*** INPUT DATA Section Begins ***
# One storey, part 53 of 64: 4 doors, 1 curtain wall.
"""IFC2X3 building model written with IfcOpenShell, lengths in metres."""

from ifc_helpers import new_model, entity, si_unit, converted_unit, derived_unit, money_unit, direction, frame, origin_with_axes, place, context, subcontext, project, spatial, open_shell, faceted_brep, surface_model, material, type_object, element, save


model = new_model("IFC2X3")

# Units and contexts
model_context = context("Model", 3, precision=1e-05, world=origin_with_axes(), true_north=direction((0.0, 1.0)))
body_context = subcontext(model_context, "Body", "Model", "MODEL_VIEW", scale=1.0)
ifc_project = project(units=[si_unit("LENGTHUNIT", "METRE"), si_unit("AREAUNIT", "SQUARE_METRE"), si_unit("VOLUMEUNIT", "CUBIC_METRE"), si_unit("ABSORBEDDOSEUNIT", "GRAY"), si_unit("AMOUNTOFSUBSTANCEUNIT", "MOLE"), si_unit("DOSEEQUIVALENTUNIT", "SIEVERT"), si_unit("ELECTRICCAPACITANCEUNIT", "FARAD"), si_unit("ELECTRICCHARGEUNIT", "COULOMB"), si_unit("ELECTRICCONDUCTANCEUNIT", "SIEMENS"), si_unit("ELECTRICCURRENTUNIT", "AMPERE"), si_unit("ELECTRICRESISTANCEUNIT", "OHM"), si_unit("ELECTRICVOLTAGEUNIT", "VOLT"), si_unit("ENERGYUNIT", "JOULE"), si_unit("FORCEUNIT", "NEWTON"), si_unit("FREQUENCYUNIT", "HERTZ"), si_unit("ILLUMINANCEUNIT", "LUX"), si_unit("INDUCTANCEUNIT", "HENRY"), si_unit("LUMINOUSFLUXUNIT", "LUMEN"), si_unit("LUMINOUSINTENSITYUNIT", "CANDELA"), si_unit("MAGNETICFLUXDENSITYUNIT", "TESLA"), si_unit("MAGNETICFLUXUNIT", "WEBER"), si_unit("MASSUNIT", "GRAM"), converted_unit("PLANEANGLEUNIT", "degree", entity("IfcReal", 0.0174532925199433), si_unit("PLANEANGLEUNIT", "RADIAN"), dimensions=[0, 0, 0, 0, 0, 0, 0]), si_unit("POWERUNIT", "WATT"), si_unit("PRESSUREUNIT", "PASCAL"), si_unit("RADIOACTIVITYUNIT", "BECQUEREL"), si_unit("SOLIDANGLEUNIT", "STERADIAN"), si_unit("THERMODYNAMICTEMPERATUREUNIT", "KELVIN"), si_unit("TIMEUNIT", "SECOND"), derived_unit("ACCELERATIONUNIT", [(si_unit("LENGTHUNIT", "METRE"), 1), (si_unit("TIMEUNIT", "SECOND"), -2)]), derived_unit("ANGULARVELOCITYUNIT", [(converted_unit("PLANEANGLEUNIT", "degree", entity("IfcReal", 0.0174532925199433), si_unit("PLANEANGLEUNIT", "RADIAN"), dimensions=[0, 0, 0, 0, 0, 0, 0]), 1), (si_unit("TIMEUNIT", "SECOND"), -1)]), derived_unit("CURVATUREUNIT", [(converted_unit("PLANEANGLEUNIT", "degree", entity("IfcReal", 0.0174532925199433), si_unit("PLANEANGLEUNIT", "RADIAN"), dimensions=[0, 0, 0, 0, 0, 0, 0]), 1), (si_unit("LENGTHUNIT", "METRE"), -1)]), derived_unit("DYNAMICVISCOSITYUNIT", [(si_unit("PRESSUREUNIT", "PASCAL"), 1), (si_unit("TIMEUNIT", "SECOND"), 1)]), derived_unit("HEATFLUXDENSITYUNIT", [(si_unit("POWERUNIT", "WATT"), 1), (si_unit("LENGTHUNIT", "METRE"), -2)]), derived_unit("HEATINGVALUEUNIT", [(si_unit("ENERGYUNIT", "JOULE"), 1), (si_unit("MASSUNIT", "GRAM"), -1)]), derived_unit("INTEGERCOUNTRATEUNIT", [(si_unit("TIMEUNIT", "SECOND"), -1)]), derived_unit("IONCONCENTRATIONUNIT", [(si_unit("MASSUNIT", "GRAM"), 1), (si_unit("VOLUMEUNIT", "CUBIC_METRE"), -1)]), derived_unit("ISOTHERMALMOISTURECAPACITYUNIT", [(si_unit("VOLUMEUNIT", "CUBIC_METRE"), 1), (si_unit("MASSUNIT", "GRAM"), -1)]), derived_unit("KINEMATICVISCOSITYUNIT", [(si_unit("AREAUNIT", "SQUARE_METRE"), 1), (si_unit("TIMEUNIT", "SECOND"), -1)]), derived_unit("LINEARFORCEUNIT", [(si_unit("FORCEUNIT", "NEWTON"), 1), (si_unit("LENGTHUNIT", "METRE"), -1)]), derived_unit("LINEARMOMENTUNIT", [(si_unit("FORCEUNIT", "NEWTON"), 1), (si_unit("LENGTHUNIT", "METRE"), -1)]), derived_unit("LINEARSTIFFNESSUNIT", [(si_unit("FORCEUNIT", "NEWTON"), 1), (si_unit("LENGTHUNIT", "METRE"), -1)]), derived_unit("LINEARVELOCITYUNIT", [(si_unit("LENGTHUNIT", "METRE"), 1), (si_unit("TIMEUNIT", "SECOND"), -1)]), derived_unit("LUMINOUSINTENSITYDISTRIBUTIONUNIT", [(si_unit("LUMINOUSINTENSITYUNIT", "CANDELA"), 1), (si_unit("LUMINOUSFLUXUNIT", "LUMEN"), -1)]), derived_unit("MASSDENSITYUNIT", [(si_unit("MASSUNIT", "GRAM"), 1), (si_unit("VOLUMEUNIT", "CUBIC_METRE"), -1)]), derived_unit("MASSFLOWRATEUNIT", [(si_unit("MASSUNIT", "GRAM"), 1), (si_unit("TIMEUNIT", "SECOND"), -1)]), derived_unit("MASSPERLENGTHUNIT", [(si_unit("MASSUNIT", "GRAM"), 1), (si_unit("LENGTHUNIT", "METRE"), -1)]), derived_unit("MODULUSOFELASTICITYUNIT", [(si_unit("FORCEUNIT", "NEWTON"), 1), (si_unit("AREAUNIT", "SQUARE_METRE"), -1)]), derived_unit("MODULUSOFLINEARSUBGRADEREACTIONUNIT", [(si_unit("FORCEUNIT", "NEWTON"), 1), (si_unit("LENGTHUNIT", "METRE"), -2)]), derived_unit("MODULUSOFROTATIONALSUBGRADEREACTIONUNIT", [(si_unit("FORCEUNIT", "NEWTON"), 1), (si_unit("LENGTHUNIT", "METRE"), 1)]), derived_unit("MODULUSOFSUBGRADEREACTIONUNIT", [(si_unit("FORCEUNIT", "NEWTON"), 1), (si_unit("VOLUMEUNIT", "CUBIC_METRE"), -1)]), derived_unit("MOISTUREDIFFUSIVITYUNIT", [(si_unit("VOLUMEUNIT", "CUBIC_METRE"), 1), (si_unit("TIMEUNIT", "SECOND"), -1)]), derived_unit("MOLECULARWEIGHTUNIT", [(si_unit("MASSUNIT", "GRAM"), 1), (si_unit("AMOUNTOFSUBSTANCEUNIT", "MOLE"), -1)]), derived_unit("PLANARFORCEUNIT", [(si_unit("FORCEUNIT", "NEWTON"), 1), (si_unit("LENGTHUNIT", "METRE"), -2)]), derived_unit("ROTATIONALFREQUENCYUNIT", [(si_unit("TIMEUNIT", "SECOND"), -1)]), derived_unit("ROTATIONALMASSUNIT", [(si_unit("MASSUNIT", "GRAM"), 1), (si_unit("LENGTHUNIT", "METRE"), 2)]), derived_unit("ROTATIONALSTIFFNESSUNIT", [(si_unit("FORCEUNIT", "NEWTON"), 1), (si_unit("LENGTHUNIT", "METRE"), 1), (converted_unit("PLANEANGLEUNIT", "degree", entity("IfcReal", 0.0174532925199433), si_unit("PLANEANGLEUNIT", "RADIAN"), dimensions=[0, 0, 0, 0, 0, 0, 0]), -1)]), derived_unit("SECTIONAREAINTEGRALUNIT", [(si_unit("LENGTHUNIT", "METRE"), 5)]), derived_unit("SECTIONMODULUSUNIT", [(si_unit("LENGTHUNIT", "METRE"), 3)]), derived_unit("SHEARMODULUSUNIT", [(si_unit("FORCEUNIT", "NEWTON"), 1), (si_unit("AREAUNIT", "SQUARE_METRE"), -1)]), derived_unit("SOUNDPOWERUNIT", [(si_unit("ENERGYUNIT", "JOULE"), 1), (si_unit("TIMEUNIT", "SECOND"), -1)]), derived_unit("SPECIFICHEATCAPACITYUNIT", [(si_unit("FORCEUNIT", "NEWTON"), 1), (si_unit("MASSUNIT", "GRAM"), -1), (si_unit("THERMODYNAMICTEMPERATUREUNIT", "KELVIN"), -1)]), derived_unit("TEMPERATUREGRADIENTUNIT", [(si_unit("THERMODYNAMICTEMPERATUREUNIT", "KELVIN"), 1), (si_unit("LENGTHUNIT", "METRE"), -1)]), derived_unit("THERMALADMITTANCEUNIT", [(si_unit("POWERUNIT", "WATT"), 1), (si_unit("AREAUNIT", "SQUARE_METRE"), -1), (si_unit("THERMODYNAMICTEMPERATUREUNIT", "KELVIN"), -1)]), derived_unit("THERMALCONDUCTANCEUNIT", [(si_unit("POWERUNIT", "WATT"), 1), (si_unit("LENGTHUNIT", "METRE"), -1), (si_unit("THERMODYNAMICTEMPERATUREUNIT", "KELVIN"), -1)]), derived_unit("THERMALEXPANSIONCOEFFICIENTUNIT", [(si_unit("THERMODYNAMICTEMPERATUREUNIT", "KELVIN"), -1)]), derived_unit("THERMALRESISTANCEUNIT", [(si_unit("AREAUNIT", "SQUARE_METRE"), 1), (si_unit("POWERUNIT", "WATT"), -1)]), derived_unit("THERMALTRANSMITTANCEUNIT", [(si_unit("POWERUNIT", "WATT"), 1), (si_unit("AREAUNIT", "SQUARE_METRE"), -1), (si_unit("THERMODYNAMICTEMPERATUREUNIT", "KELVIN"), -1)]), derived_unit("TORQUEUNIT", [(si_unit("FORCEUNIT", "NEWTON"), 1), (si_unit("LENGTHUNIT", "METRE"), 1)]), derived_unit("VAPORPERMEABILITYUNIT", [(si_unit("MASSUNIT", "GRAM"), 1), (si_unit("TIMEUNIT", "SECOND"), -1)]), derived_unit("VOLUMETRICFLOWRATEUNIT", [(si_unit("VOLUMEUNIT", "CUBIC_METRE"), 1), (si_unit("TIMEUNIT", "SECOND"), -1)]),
*** INPUT DATA Section Ends ***
=== EXERCISE GOAL ===
Each line above that contains the word "direction" should be returned.

=== EXPECTED OUTPUT ===
from ifc_helpers import new_model, entity, si_unit, converted_unit, derived_unit, money_unit, direction, frame, origin_with_axes, place, context, subcontext, project, spatial, open_shell, faceted_brep, surface_model, material, type_object, element, save
model_context = context("Model", 3, precision=1e-05, world=origin_with_axes(), true_north=direction((0.0, 1.0)))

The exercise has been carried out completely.